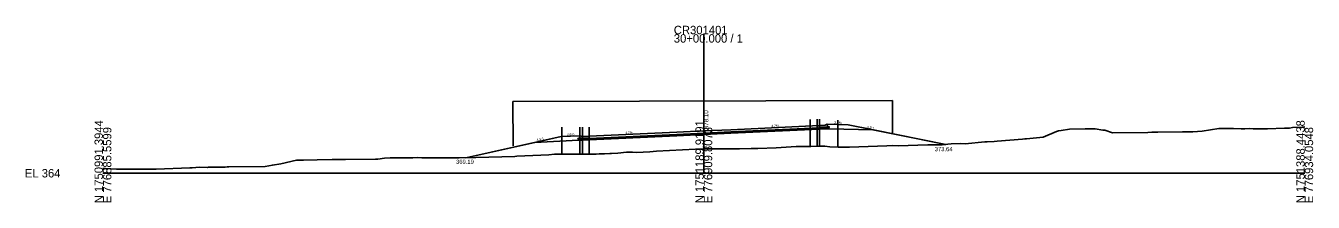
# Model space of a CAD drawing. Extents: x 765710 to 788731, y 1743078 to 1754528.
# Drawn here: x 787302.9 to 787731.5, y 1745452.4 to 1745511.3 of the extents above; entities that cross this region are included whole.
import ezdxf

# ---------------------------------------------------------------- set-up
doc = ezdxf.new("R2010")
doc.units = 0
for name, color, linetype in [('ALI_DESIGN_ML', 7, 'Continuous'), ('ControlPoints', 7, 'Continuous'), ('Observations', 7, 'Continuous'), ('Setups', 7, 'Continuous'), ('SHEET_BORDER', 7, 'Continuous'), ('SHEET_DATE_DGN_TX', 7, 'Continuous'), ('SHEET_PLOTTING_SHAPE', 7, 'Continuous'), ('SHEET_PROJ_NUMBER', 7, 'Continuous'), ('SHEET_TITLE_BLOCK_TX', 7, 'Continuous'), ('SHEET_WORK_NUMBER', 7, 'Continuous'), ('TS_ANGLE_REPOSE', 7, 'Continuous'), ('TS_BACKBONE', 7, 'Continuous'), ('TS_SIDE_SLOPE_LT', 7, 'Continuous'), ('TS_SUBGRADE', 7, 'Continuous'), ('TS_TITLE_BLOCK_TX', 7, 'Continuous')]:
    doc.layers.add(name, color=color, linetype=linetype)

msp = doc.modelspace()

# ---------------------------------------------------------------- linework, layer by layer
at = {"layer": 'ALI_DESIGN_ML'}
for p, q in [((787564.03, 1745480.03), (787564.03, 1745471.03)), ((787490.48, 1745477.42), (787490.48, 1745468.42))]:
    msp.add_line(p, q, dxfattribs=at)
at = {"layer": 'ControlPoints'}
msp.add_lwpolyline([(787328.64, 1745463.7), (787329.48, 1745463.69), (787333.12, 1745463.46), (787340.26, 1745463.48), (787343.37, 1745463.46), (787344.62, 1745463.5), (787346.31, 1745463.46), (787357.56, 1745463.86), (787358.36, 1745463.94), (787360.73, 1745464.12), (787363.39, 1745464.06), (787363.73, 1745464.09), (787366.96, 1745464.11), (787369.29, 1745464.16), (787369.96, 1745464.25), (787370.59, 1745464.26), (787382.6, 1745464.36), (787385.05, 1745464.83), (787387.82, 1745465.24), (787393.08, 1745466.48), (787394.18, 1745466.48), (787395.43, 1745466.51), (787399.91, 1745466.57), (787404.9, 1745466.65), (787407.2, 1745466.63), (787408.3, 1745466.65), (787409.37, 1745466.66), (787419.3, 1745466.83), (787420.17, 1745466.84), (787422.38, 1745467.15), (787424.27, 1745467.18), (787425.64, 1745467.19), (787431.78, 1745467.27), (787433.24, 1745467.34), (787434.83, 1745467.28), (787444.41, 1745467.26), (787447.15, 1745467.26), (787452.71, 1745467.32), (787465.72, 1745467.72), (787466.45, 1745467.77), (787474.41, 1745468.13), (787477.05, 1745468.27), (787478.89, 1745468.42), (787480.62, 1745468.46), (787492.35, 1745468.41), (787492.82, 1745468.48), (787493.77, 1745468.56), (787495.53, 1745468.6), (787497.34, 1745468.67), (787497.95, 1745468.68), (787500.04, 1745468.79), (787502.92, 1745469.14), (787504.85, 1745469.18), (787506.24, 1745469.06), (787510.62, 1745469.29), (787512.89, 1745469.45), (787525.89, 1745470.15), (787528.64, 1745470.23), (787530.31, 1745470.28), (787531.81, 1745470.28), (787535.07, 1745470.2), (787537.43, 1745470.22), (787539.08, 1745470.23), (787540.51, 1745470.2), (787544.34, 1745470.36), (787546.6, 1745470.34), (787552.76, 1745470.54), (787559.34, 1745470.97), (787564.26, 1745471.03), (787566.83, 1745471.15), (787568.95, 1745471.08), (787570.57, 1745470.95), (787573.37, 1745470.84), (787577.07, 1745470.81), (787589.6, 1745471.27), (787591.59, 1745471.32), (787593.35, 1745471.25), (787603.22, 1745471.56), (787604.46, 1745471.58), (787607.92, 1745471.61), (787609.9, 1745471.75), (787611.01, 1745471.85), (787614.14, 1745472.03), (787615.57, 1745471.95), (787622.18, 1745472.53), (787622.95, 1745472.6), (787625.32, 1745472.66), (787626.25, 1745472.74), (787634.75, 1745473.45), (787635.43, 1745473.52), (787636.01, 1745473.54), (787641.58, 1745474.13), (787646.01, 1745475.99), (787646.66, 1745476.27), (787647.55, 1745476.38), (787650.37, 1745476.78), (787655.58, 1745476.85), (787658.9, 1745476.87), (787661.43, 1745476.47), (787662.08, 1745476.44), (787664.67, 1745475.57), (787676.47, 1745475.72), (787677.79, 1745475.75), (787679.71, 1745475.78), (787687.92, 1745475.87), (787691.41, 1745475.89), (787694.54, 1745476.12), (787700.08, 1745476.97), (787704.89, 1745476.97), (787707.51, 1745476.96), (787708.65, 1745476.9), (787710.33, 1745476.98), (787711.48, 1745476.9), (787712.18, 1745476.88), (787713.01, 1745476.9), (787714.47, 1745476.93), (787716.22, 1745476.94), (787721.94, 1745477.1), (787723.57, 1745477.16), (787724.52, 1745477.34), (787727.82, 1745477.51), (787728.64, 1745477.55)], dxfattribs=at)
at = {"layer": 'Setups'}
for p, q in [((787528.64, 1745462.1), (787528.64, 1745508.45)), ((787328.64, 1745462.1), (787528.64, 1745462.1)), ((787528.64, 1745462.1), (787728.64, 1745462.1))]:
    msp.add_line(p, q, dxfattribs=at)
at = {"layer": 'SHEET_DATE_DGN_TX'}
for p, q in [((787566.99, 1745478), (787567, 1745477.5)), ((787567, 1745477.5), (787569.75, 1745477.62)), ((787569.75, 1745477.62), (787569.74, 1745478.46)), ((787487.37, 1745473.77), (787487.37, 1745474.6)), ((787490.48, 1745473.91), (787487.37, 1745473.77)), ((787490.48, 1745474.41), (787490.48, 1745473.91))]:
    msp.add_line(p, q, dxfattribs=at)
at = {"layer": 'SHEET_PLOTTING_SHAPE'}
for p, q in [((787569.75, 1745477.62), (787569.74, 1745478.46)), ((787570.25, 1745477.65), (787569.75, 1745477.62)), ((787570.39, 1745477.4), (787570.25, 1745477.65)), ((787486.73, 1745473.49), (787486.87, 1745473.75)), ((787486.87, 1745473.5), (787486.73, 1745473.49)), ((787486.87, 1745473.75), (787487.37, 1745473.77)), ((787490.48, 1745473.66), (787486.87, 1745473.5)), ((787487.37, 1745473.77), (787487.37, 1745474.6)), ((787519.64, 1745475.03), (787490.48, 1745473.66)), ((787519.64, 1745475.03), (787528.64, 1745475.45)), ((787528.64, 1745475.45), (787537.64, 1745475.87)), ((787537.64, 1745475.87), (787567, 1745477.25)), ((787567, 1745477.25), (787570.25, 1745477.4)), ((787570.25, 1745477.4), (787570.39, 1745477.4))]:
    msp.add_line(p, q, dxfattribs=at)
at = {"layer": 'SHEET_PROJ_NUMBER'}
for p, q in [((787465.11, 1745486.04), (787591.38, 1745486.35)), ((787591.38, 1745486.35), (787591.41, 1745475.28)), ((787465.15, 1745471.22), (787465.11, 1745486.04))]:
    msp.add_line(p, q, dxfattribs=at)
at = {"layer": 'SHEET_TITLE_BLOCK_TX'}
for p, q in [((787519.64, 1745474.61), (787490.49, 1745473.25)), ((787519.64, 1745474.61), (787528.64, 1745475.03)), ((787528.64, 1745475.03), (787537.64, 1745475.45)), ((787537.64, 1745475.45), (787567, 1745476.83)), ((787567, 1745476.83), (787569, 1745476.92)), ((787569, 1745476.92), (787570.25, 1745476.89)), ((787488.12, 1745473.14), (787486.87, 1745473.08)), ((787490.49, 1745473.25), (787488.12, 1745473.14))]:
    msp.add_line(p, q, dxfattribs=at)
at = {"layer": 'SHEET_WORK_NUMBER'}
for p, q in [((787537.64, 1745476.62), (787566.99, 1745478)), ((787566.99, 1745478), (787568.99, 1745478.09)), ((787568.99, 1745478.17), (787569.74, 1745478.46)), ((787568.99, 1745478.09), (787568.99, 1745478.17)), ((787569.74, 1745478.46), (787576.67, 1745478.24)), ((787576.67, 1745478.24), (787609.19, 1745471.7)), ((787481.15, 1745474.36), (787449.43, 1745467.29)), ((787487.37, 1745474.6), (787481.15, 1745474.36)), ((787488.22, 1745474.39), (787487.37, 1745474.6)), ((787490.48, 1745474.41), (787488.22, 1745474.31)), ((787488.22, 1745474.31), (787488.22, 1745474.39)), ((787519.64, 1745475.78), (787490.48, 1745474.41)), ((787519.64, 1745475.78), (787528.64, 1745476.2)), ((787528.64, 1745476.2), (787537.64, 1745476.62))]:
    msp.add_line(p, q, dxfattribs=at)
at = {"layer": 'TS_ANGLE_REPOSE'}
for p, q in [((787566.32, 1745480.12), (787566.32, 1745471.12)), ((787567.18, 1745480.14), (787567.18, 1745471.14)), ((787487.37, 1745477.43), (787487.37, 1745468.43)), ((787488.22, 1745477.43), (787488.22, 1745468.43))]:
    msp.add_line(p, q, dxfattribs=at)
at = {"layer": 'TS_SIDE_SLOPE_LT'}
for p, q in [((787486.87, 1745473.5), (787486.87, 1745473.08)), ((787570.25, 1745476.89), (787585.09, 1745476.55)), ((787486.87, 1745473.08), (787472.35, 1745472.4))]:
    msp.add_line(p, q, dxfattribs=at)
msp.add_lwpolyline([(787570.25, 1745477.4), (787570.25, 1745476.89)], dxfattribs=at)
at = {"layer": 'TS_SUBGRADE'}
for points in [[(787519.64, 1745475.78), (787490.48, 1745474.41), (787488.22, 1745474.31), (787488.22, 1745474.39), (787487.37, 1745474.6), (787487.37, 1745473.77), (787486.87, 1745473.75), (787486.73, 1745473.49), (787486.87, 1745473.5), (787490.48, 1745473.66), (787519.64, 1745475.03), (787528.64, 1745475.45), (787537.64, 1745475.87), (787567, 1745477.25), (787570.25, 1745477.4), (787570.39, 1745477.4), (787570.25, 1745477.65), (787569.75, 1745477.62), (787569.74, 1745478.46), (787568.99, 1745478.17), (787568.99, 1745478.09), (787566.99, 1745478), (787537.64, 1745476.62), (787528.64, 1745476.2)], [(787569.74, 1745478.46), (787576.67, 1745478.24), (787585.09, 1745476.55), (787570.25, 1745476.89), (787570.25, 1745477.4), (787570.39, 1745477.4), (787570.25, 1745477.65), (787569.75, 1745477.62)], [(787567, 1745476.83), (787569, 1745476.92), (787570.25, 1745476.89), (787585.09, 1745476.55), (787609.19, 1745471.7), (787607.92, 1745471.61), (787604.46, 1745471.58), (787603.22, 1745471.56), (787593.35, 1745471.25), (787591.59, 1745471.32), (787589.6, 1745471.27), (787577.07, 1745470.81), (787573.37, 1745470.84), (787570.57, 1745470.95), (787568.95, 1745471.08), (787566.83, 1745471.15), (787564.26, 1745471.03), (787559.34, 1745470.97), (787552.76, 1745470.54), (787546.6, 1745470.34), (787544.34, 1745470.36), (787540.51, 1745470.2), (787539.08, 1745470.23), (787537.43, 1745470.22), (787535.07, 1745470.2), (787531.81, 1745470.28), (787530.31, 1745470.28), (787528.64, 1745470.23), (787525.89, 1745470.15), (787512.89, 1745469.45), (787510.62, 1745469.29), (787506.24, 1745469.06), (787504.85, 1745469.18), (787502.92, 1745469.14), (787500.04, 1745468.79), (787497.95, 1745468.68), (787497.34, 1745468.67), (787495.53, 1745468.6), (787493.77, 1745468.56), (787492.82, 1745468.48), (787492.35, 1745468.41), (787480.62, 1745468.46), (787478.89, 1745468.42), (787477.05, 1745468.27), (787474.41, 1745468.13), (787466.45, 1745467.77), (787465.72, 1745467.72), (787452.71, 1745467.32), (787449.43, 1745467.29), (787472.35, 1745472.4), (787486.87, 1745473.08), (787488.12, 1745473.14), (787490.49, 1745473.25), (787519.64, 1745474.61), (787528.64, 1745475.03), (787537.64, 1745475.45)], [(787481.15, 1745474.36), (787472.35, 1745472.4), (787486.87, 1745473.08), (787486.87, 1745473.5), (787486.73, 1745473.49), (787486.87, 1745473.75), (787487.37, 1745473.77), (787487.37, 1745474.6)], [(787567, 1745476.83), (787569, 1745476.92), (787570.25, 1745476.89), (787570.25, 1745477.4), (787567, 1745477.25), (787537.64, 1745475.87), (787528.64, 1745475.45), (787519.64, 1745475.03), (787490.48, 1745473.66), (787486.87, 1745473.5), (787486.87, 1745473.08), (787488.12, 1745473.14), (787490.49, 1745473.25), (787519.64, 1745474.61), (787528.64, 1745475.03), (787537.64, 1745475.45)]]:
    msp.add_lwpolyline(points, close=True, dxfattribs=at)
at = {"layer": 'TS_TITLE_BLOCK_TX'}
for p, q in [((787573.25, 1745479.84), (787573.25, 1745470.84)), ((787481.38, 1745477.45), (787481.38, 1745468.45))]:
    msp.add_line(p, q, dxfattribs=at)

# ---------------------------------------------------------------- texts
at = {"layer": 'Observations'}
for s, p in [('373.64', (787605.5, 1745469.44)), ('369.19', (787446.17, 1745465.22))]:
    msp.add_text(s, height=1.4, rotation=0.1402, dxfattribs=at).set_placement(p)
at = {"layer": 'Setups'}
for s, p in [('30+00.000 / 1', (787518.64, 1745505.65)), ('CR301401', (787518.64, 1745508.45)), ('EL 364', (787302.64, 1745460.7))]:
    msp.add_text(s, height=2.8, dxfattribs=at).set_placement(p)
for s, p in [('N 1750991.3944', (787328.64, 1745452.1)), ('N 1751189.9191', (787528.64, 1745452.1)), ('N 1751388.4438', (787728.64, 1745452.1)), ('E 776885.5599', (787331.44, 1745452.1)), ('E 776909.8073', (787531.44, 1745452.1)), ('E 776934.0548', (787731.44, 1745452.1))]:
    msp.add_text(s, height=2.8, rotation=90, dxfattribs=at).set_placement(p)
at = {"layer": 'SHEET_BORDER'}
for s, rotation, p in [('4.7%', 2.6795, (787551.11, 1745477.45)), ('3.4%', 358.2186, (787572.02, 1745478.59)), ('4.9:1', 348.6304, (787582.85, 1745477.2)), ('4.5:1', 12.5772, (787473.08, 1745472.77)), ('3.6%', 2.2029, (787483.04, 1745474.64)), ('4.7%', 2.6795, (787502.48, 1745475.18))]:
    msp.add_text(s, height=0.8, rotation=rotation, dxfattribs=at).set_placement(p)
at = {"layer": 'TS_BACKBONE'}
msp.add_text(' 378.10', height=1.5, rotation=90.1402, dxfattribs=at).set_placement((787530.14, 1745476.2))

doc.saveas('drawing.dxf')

=======

▸ THE TASK
Proceeding from the line containing "# Drawn here: x" through the line containing "doc.units = 0", transcribe the lines above exactly, both end lines included.

▸ RESULT
# Drawn here: x 787302.9 to 787731.5, y 1745452.4 to 1745511.3 of the extents above; entities that cross this region are included whole.
import ezdxf

# ---------------------------------------------------------------- set-up
doc = ezdxf.new("R2010")
doc.units = 0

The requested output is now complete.